Posted on:2016-03-26Degree:MasterType:Thesis
Country:ChinaCandidate:Y D XieFull Text:PDF
GTID:2308330473454479Subject:Computer application technology
Abstract/Summary:PDF Full Text Request
With the rapid development of multimedia technology and explosive growth of image information, the scale of image database is becoming increasingly vast. However, images which contain faces have drawn doubled public attention. In the arena of public security, information retrieval and social networking, it is becoming increasingly significant to address how to manage these massive amounts of face images effectively and efficiently. Large-scale face image coding is crucial to realizing face image retrieval and face verification and is turning into the major breakthrough in enhancing the performance of face retrieval and verification.This paper aims to realize large-scale face image coding under the circumstance of large-scale face image retrieval and face verification. We have proposed some methods to improve the performance of large-scale face image representation through three aspects, including face image pre-processing, face image feature extraction and face image quantization. This paper includes main studies on:(1) We propose an improved explicit shape regression algorithm to realize face alignment in the face image pre-processing stage. This algorithm improves the setting of the initial image and the selection of correlated features.
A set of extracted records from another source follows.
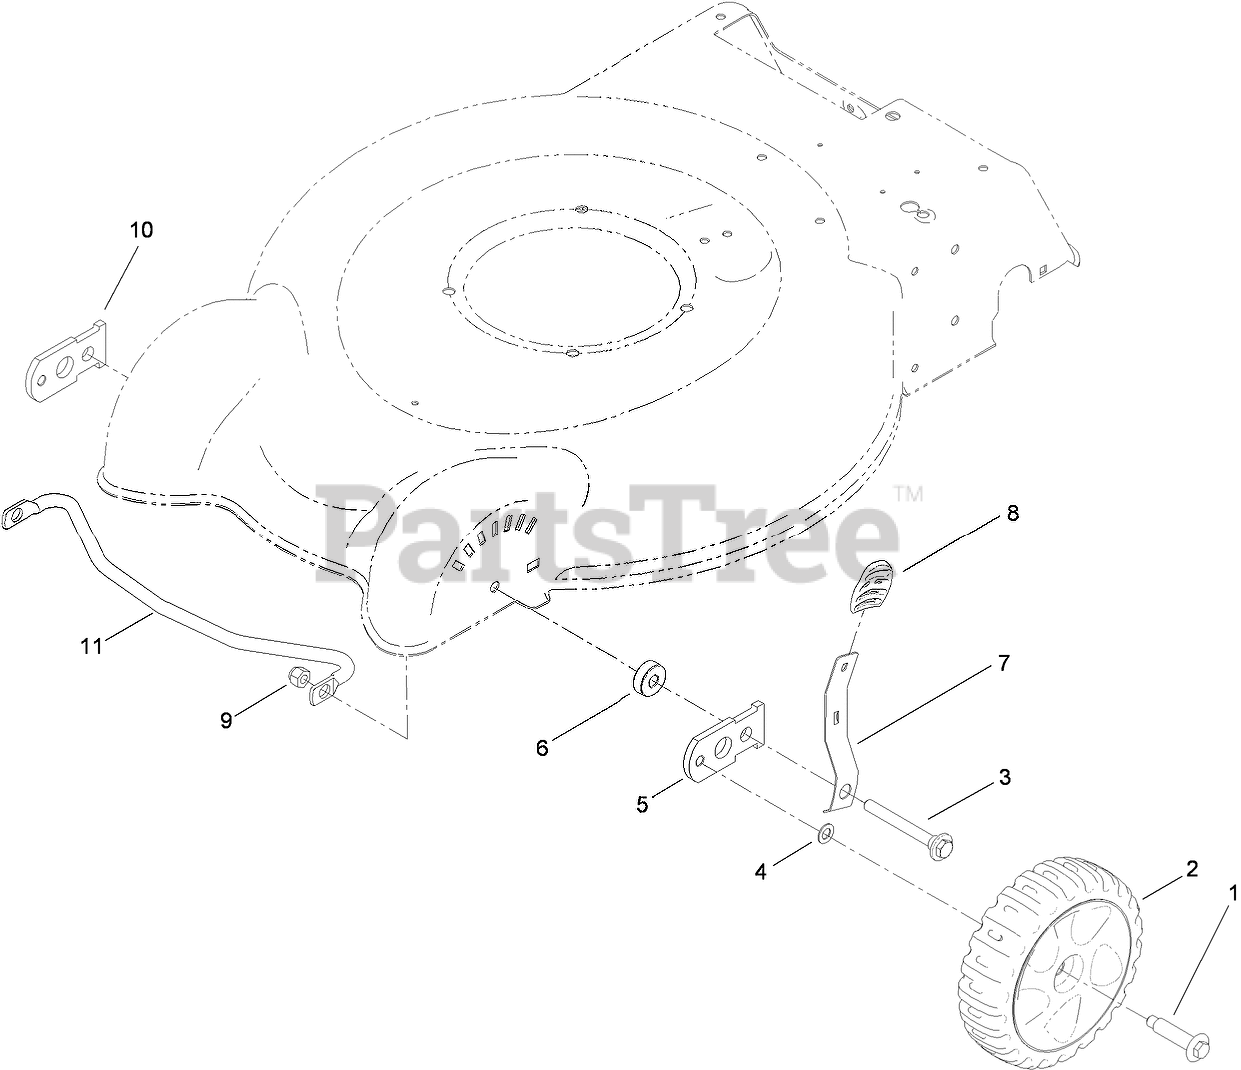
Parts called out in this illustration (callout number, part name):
1	BOLT-SHOULDER
2	7 INCH WHEEL AND TIRE ASM
3	BOLT-SHOULDER
4	WASHER
5	ARM-PIVOT, RH
6	SPACER-ARM, PIVOT
7	ARM-SPRING, FRONT
8	Knob-Lever, HOC
9	NUT-LOCK, NI
10	ARM-PIVOT, LH
11	BRACE-FRONT
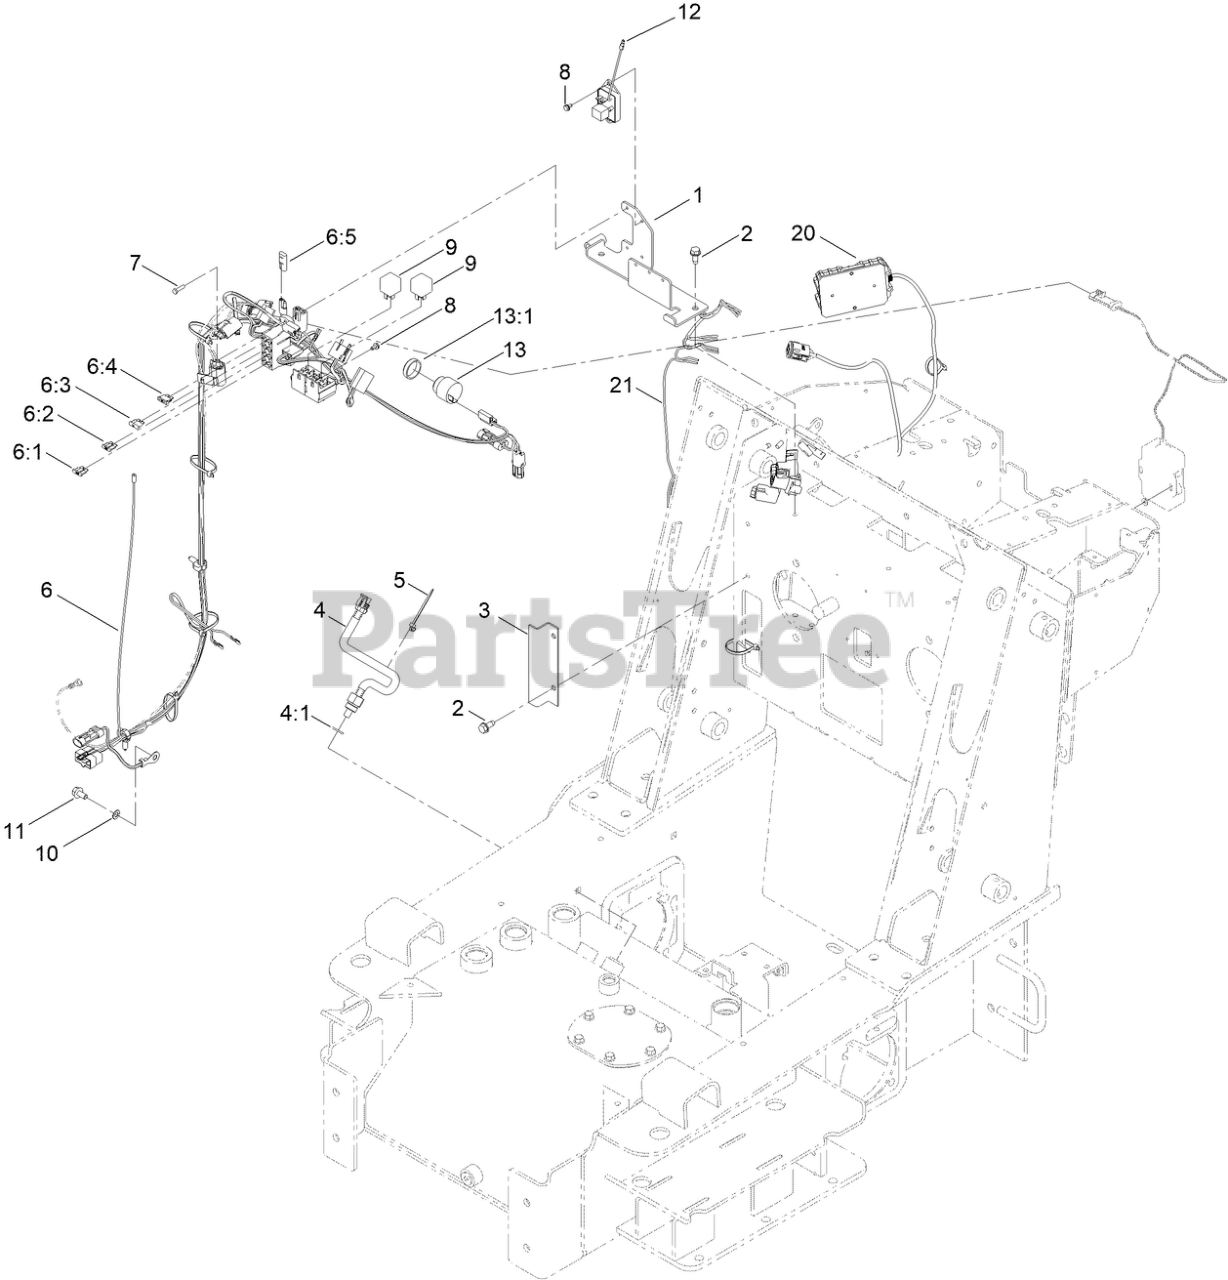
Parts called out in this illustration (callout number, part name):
1	BRACKET-FUSE/RELAY
2	SCREW-THD ROLL, HWH
3	SHIELD-WIRING
4	SWITCH-TEMPERATURE
4:1	O-RING
5	TIE-CABLE
6	HARNESS-WIRE
6:1	FUSE-BLADE, 30 AMP
6:2	FUSE-BLADE, 25 AMP
6:3	FUSE-BLADE, 10 AMP
6:4	FUSE-BLADE, 15 AMP
6:5	CAP-PLUG
7	SCREW
8	SCREW-HWH
9	RELAY
10	WASHER-LOCK
11	SCREW-HHF
12	MODULE-IGNITION DELAY
13	AUDIO ALARM ASM
13:1	NUT-PLASTIC, KNURLED
20	M7L-LITE ZTR KIT ASM
21	HARNESS-WIRE, MACHINE ZTR
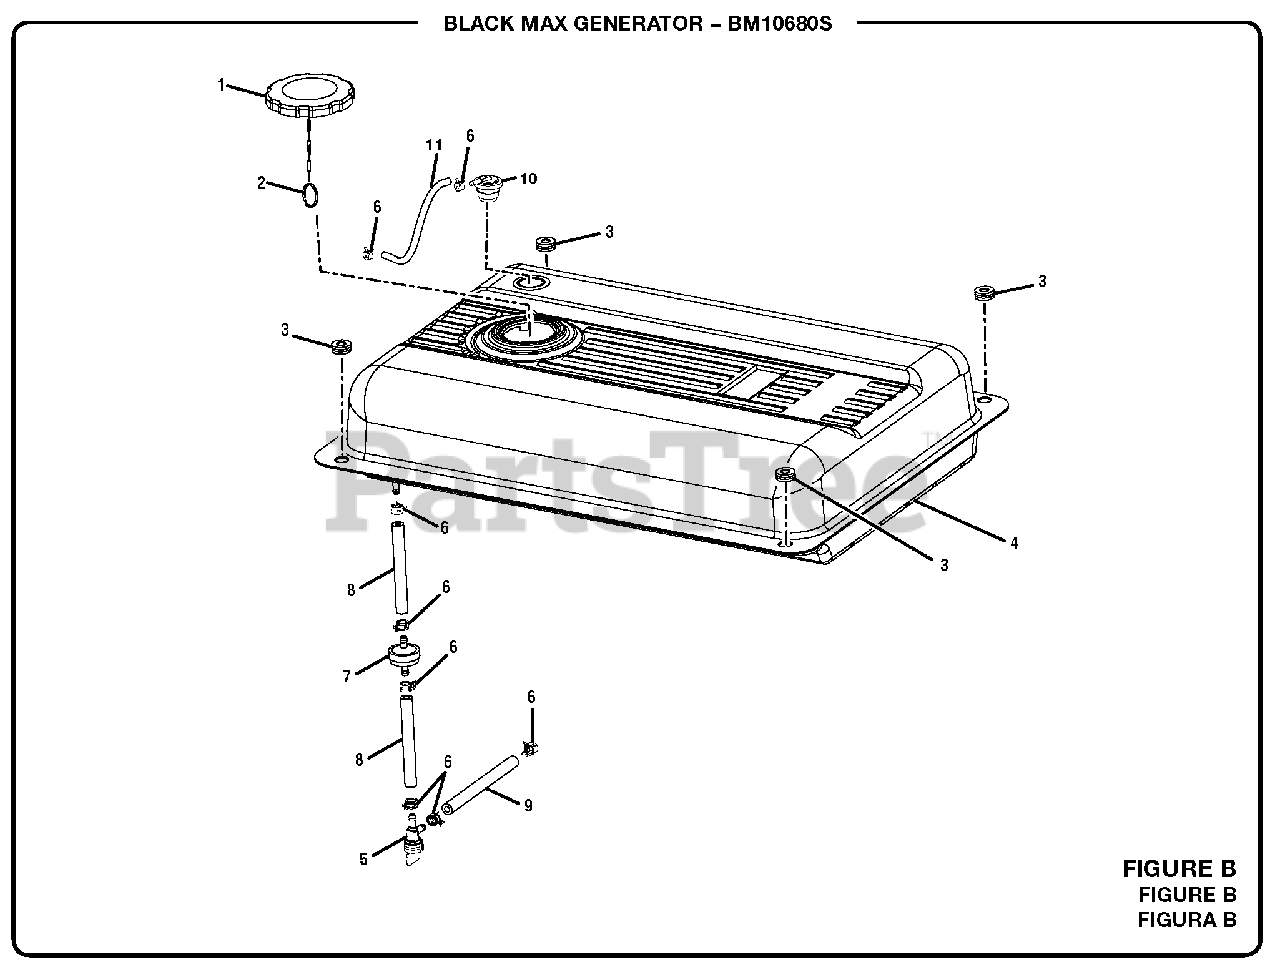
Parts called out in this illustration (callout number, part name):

The experiment indicates that the improved face alignment has better results in face feature points location, which offers better support for face region partition and face image feature extraction.(2) Then, in the stage of face image feature extraction, we mention relative face attribute features. We use sequential learning method to quantify face attributes on the basis of face binary attributes and prove through experiment that relative face attribute features could describe face attributes better than face binary attributes.(3) Finally, in the stage of face image quantization, we conduct sparse coding through using the combination of face image’s local features and relative face attribute features. Therefore, we could realize the underlying characteristic of similarity requirements and avoid the problem of ’Semantic Gap’ through introducing face attribute features simultaneously.We have applied the coding method in this paper to the experiment of large-scale face retrieval and face verification. This shows that the coding scheme mentioned in this paper could get better retrieval results and verification accuracy in the comparison of underlying characteristics of coding and attribute feature coding.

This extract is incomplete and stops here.